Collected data
#####

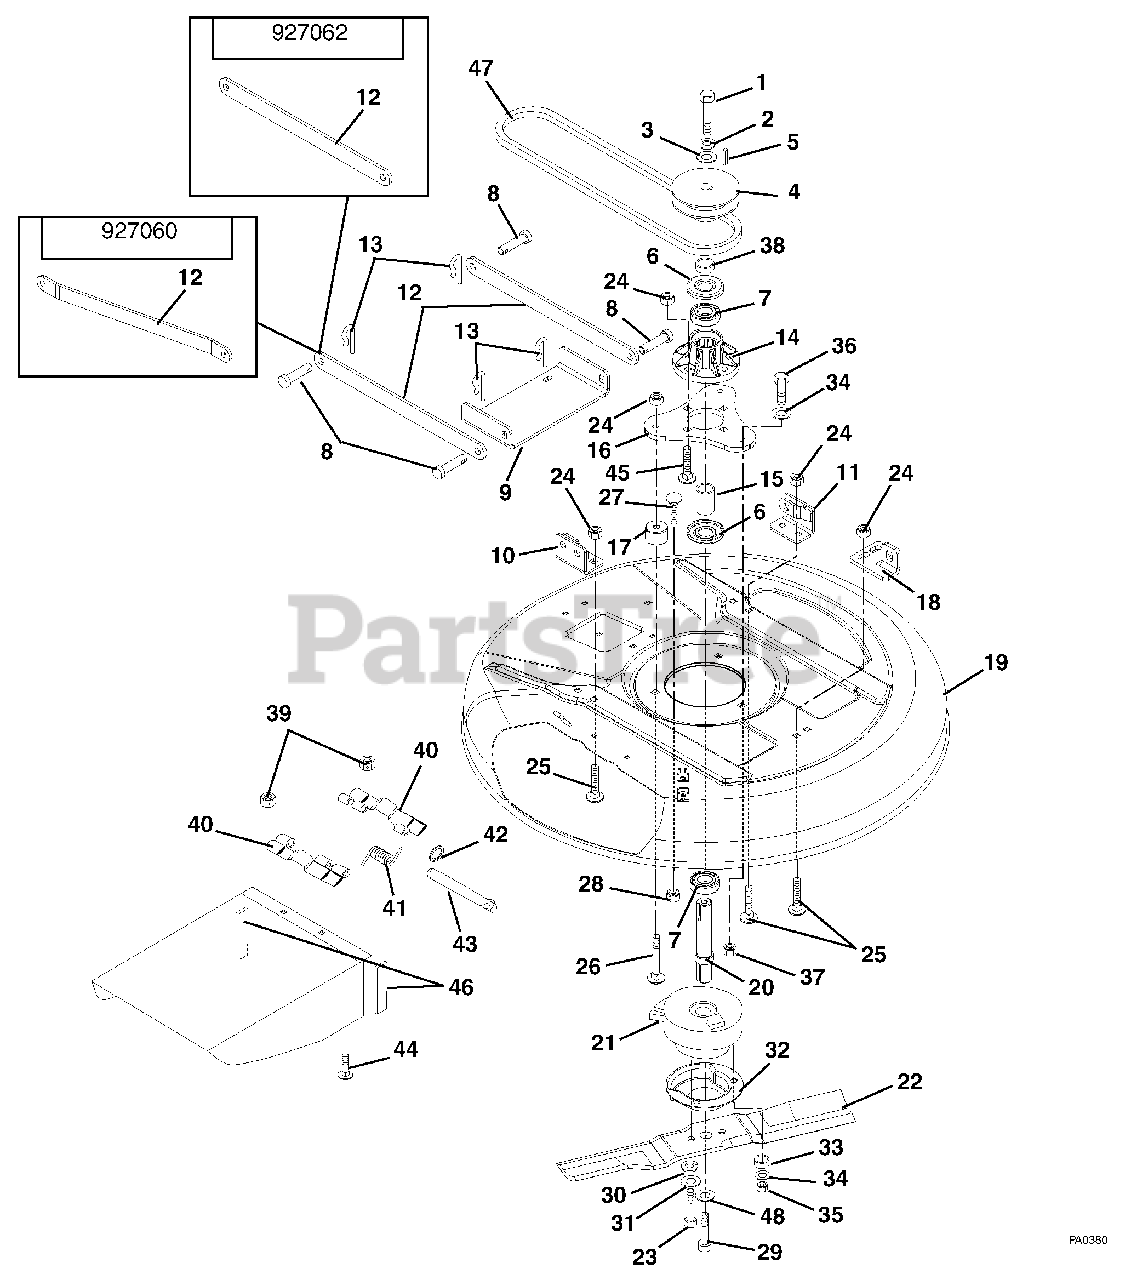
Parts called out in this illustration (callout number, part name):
1	Bolt-Hex .38-16 x 1.00 Grade 8 with Epoxy Patch
2	Washer, Locking .375 x .115 Heavy
3	Washer, Flat Steel .406 x 1.375 x .135
4	Pulley, 28" Deck Input
4	Pulley, 32" Deck Input
5	Key, Square .25 x .38 x .25
6	Bearing, Slinger
7	Bearing, Ball 1.00 x 2.00 x .56
8	Pin, Clevis .494 x 1.00
9	Bracket, Rear Hanger 28"(060)
9	Bracket, Rear Hanger 32" (062)
10	Bracket, Deck Link Right Hand (060)
10	Bracket, Deck Link Right Hand (062)
11	Weldment, Deck Link Right Hand (060)
11	Weldment, Deck Link Left Hand (062)
12	Link-Stabilizer (Right Hand Only) (060)
12	Link Stabilizer (060)
12	Link Stabilizer (062)
13	Clip, Spring
14	Assembly, Spindle Housing
15	Spacer, 1.00 x 1.25 x 1.60
16	Spindle, Mount Plate
17	Spacer, Mounting Plate
18	Bracket, Front Lift Hanger (060)
18	Bracket, Front Lift Hanger (062)
19	Deck 32"
20	Shaft, 32" Input
21	Clutch Kit (061)
22	Blade, 28" Mower
22	Blade, 32" Mower
23	Bolt, Hex M10 x 1.25 x 30
24	Nut, Locking-Top-Flange .38-16
25	Bolt-Round Head Square Neck .38-16 x .75 Grade 5
26	Bolt-Round Head Square Neck .38-16 x 2.25 Grade 5
27	Bolt-Round Head Square Neck .31-18 x 1.50 Grade 5
28	Nut, Spin Lock Flange .312-18
29	Bolt, Button Head .50 x 1.25-20
30	Washer, Locking Metric 10 MM
31	Washer, Flat Steel .406 x 1.00 x .188
32	Shield, Debris
33	Bushing, Bronze .75 I.D. x .88 O.D. x .50 Long
34	Washer, Flat Steel .38 x .875 x .083
35	Nut-Locking-Nylon .38-16
36	Bolt-Hex .38-16 x 3.00 Grade 5
37	Nut-Flange .375-16
38	Spacer Steel 1.01 x 1.38 x .509
39	Nut-Locking-Center .25-20
40	Hinge Plate
41	Spring-Torsion .09 x .37 x .63
42	Ring-Retaining-External .312 x .025
44	Bolt-Round Head Square Neck .25-20 x .75 Grade 5
45	Bolt-Round Head Square Neck .38-16 x 1.25 Grade 5
46	Trim Bulk 0125
47	Belt, PTO (060)
47	Belt, PTO (062 SN = 000140 and up)
48	Washer, Flat Steel .50 x 1.75 x .187
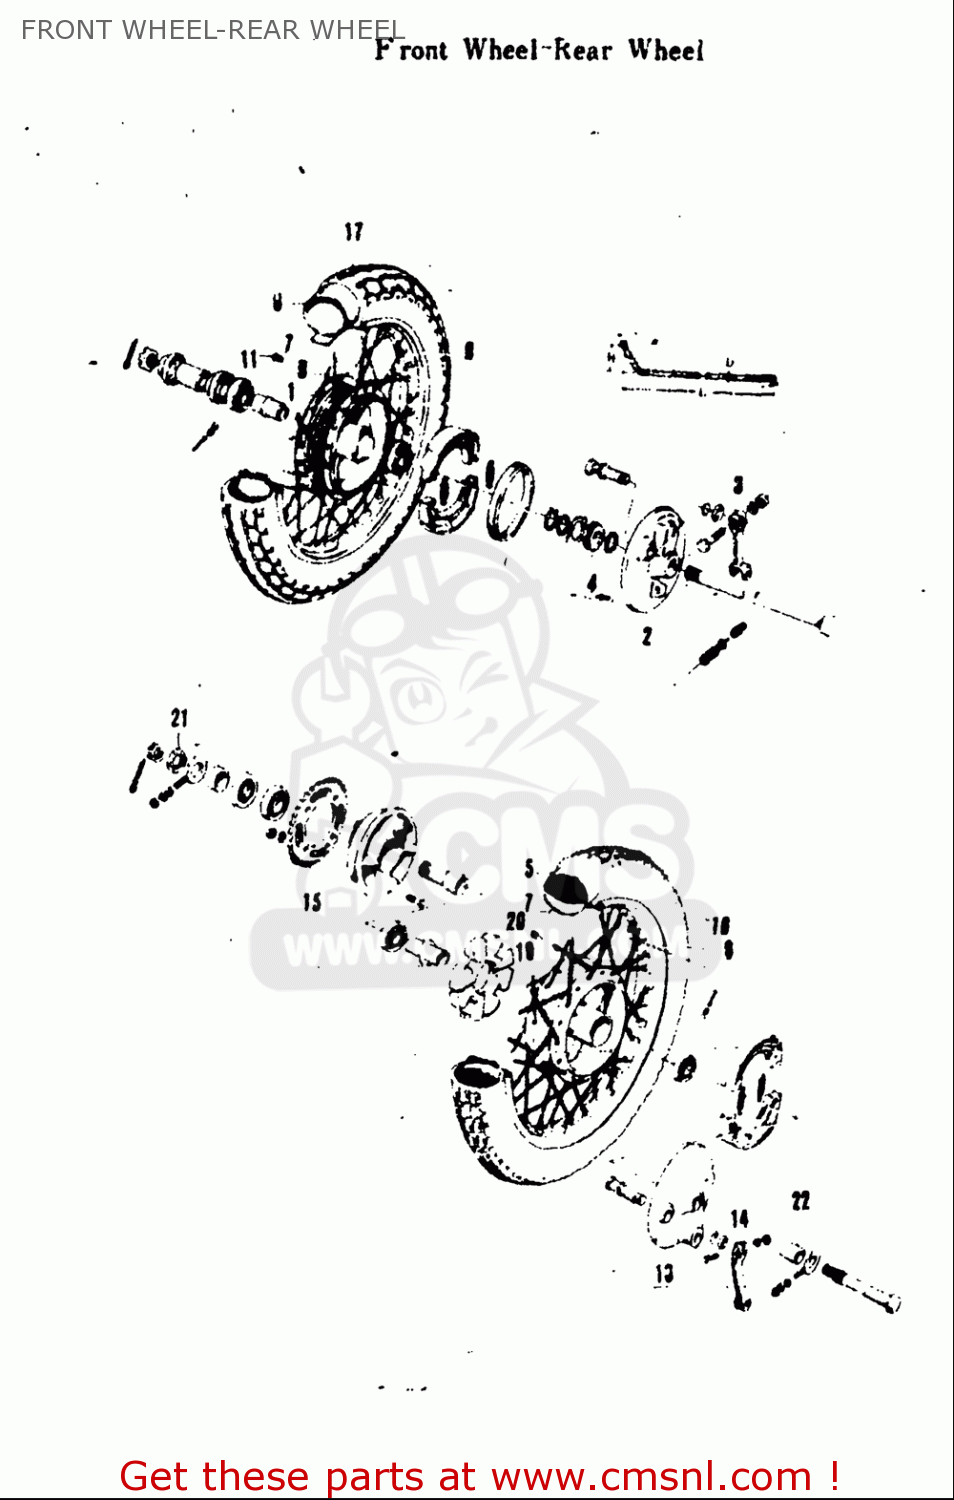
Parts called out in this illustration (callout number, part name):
3	LEVER,FR BRAKE CAM
7	SPOKE SET,FR
8	RIM,WHEEL(1.40X18)
14	LEVER,RR BRAKE CAM
15	SPROCKET,REAR
17	SPOKE SET,RR
21	NUT

#####

What is required
Exact copy, no pictures: reproduce every entry shown above.

Finished exercise
Parts called out in this illustration (callout number, part name):
1	Bolt-Hex .38-16 x 1.00 Grade 8 with Epoxy Patch
2	Washer, Locking .375 x .115 Heavy
3	Washer, Flat Steel .406 x 1.375 x .135
4	Pulley, 28" Deck Input
4	Pulley, 32" Deck Input
5	Key, Square .25 x .38 x .25
6	Bearing, Slinger
7	Bearing, Ball 1.00 x 2.00 x .56
8	Pin, Clevis .494 x 1.00
9	Bracket, Rear Hanger 28"(060)
9	Bracket, Rear Hanger 32" (062)
10	Bracket, Deck Link Right Hand (060)
10	Bracket, Deck Link Right Hand (062)
11	Weldment, Deck Link Right Hand (060)
11	Weldment, Deck Link Left Hand (062)
12	Link-Stabilizer (Right Hand Only) (060)
12	Link Stabilizer (060)
12	Link Stabilizer (062)
13	Clip, Spring
14	Assembly, Spindle Housing
15	Spacer, 1.00 x 1.25 x 1.60
16	Spindle, Mount Plate
17	Spacer, Mounting Plate
18	Bracket, Front Lift Hanger (060)
18	Bracket, Front Lift Hanger (062)
19	Deck 32"
20	Shaft, 32" Input
21	Clutch Kit (061)
22	Blade, 28" Mower
22	Blade, 32" Mower
23	Bolt, Hex M10 x 1.25 x 30
24	Nut, Locking-Top-Flange .38-16
25	Bolt-Round Head Square Neck .38-16 x .75 Grade 5
26	Bolt-Round Head Square Neck .38-16 x 2.25 Grade 5
27	Bolt-Round Head Square Neck .31-18 x 1.50 Grade 5
28	Nut, Spin Lock Flange .312-18
29	Bolt, Button Head .50 x 1.25-20
30	Washer, Locking Metric 10 MM
31	Washer, Flat Steel .406 x 1.00 x .188
32	Shield, Debris
33	Bushing, Bronze .75 I.D. x .88 O.D. x .50 Long
34	Washer, Flat Steel .38 x .875 x .083
35	Nut-Locking-Nylon .38-16
36	Bolt-Hex .38-16 x 3.00 Grade 5
37	Nut-Flange .375-16
38	Spacer Steel 1.01 x 1.38 x .509
39	Nut-Locking-Center .25-20
40	Hinge Plate
41	Spring-Torsion .09 x .37 x .63
42	Ring-Retaining-External .312 x .025
44	Bolt-Round Head Square Neck .25-20 x .75 Grade 5
45	Bolt-Round Head Square Neck .38-16 x 1.25 Grade 5
46	Trim Bulk 0125
47	Belt, PTO (060)
47	Belt, PTO (062 SN = 000140 and up)
48	Washer, Flat Steel .50 x 1.75 x .187
Parts called out in this illustration (callout number, part name):
3	LEVER,FR BRAKE CAM
7	SPOKE SET,FR
8	RIM,WHEEL(1.40X18)
14	LEVER,RR BRAKE CAM
15	SPROCKET,REAR
17	SPOKE SET,RR
21	NUT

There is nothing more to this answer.